Transfection of viral RNA. For transfections, Rat2-HA-Zeo and Rat2-NZAP-Zeo cells were seeded in six-well plates at 7 x 105 cells per well. The next day the cells were transfected with Lipofectin (Gibco) or TransMessenger transfection reagent (Qiagen). For wild-type SIN, cells were washed with Opti-MEMI (Gibco) and were transfected with in vitro-transcribed SIN Toto1101 RNA by using a 200-µl cocktail of 8 µg of SIN RNA and 8 µg of Lipofectin in Opti-MEMI. After incubation at room temperature for 10 min, the cells were washed with Opti-MEMI and 3 ml of DMEM, containing 2% FBS, was added to each well. A 200-µl aliquot of the medium was removed and replaced with fresh medium at various times after transfection. Samples were stored at -80°C and titered on BHK-J cells. PolioRep/GFP was similarly transfected into the cells with 3.5 µg of RNA per well. Toto1101/Luc/Pol- and Renilla luciferase RNAs were introduced into Rat2-HA-Zeo and Rat2-NZAP-Zeo cells according to the manufacturer's recommendations by using 1 µg of RNA with a 1:4 ratio of RNA to TransMessenger transfection reagent.

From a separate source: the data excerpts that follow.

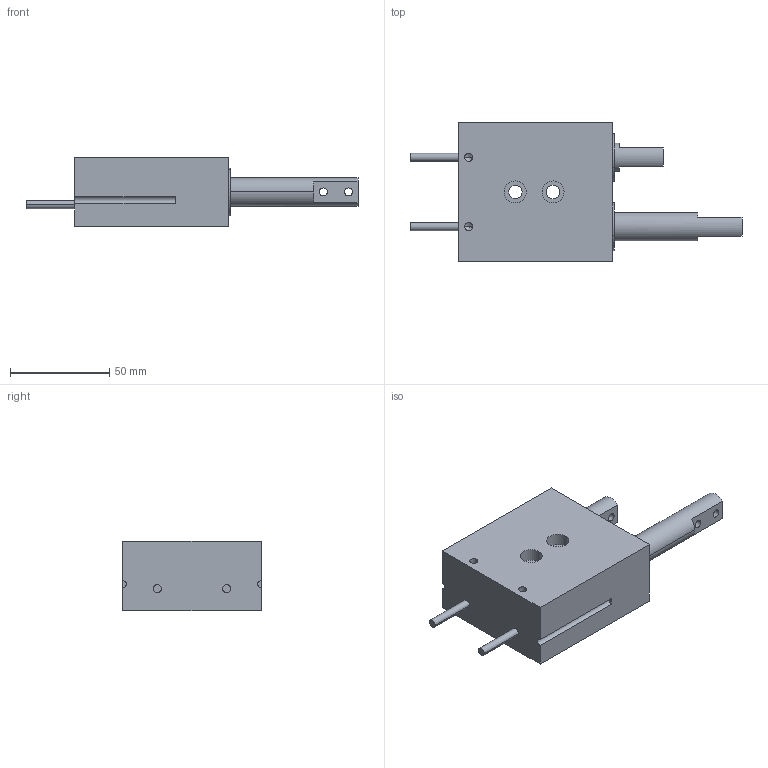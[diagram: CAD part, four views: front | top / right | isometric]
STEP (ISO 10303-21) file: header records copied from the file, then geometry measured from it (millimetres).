
FILE_DESCRIPTION (( 'STEP AP203' ), '1' );
FILE_NAME ('AGE-3 in IN.STEP', '2014-11-19T15:05:51', ( 'setup' ), ( '' ), 'SwSTEP 2.0', 'SolidWorks 2013', '' );
FILE_SCHEMA (( 'CONFIG_CONTROL_DESIGN' ));
Length unit declared in the file: inch
Products named in the file (4): AGE-3 BUSHING; AGE-3 FINGER; AGE-3 in IN; AGE-3 BODY
Assembly tree (5 placements, depth 2):
  AGE-3 in IN
    AGE-3 BODY
    AGE-3 BUSHING  x2
    AGE-3 FINGER  x2
Bounding box: 167.36 x 69.85 x 34.92 mm (x, y, z)
Volume: 156018.3 mm3; surface area: 49908.9 mm2
Topology: 5 solids, 5 shells, 97 faces, 223 edges, 142 vertices
Faces by surface type: cylinder 55, plane 34, cone 8
Entity records: 2635 total; most frequent: DIRECTION 425, CARTESIAN_POINT 361, ORIENTED_EDGE 334, AXIS2_PLACEMENT_3D 174, EDGE_CURVE 167, VERTEX_POINT 110, EDGE_LOOP 99, CIRCLE 90
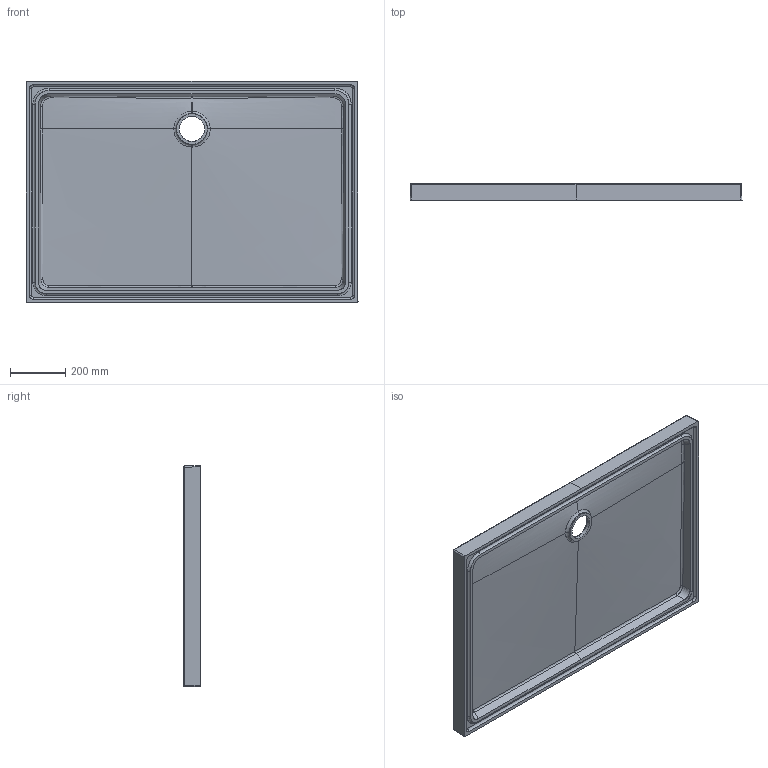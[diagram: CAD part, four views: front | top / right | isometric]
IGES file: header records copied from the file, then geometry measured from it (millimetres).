
Start section: START RECORD GO HERE.
Global section: file name: 1213_3D.igs; native system: DASSAULT SYSTEMES CATIA V5 R19 - www.3ds.com; preprocessor: CATIA Version 5 Release 19 SP 5 ; author: Luca; organization: DESKTOP-V7SON24; date: 20221207.160426; units: millimetre
Bounding box: 1200.19 x 60 x 800.1 mm (x, y, z)
Surface area: 2302010.4 mm2 (no closed solid volume)
Topology: 0 solids, 0 shells, 392 faces, 1824 edges, 1808 vertices
Faces by surface type: bspline 338, revolution 48, plane 6
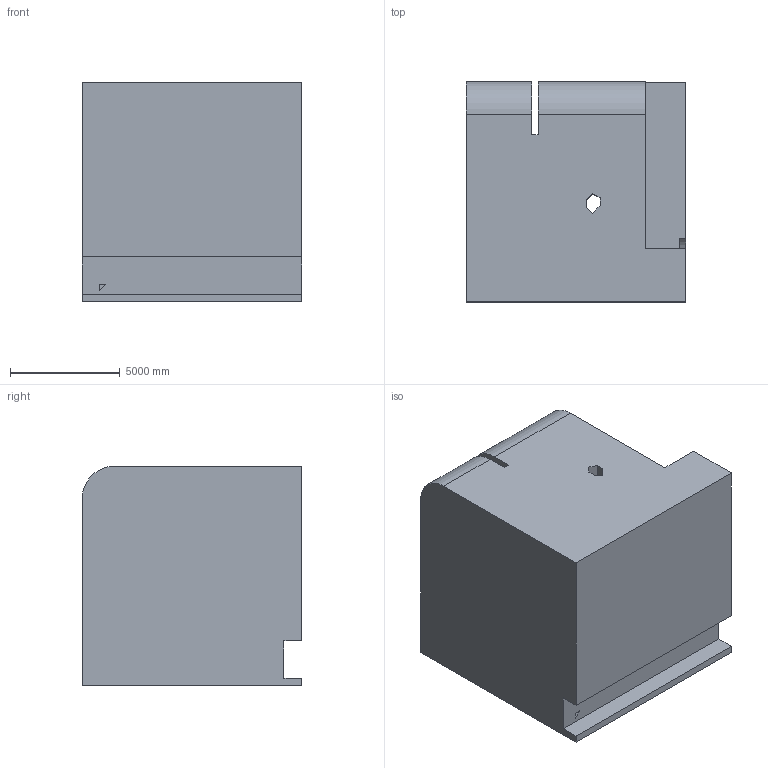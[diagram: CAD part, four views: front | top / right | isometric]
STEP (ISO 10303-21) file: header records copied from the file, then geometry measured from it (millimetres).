
FILE_DESCRIPTION (( 'STEP AP203' ), '1' );
FILE_NAME ('61.STEP', '2022-09-02T15:22:03', ( 'user' ), ( '' ), 'SwSTEP 2.0', 'SolidWorks 2021', '' );
FILE_SCHEMA (( 'CONFIG_CONTROL_DESIGN' ));
Length unit declared in the file: centimetre
Products named in the file (1): 61
Bounding box: 10000 x 10000 x 10000 mm (x, y, z)
Volume: 939977402923.6 mm3; surface area: 686796759.5 mm2
Topology: 1 solids, 1 shells, 36 faces, 96 edges, 64 vertices
Faces by surface type: plane 29, cylinder 7
Entity records: 1195 total; most frequent: CARTESIAN_POINT 197, ORIENTED_EDGE 192, DIRECTION 184, EDGE_CURVE 96, VECTOR 82, LINE 82, VERTEX_POINT 64, AXIS2_PLACEMENT_3D 51

Determination of luciferase activity. Cell lysates were harvested with 1x passive lysis buffer, and luciferase activity was determined with the Dual-Luciferase reporter assay system or luciferase assay system (Promega) according to the manufacturer's recommendations. Luciferase activity was measured on a Lumat LD 9507 (EG&G Berthold).
DNA transfections for Cre-mediated insert removal. Cells were seeded at 1.5 x 106 cells per 55-cm2 plate and transfected the following day with 10 µg of plasmid pMAMNeo or 10 µg of pMC-Cre in combination with 1 µg of pMAMNeo by using 85 µg of SuperFect transfection reagent (Qiagen). Cells were placed under G418 (Invitrogen) selection (0.5 mg/ml) the following day. For pMC-Cre-transfected cells, individual clones were picked and expanded. Cre-mediated removal was verified by PCR as described previously (5).
Flow cytometry. Cells were harvested, fixed with 2% paraformaldehyde in phosphate-buffered saline and analyzed for expression of GFP using a FACSCalibur cytometer and CellQuest software (Becton Dickinson), analyzing 10,000 events for each sample. Gates were set with uninfected or untransfected cells such that less than 1% of the cells fell within the positive gate. Unpaired t tests were performed using GraphPad Prism, version 3.0a, for Macintosh (GraphPad Software, San Diego, Calif).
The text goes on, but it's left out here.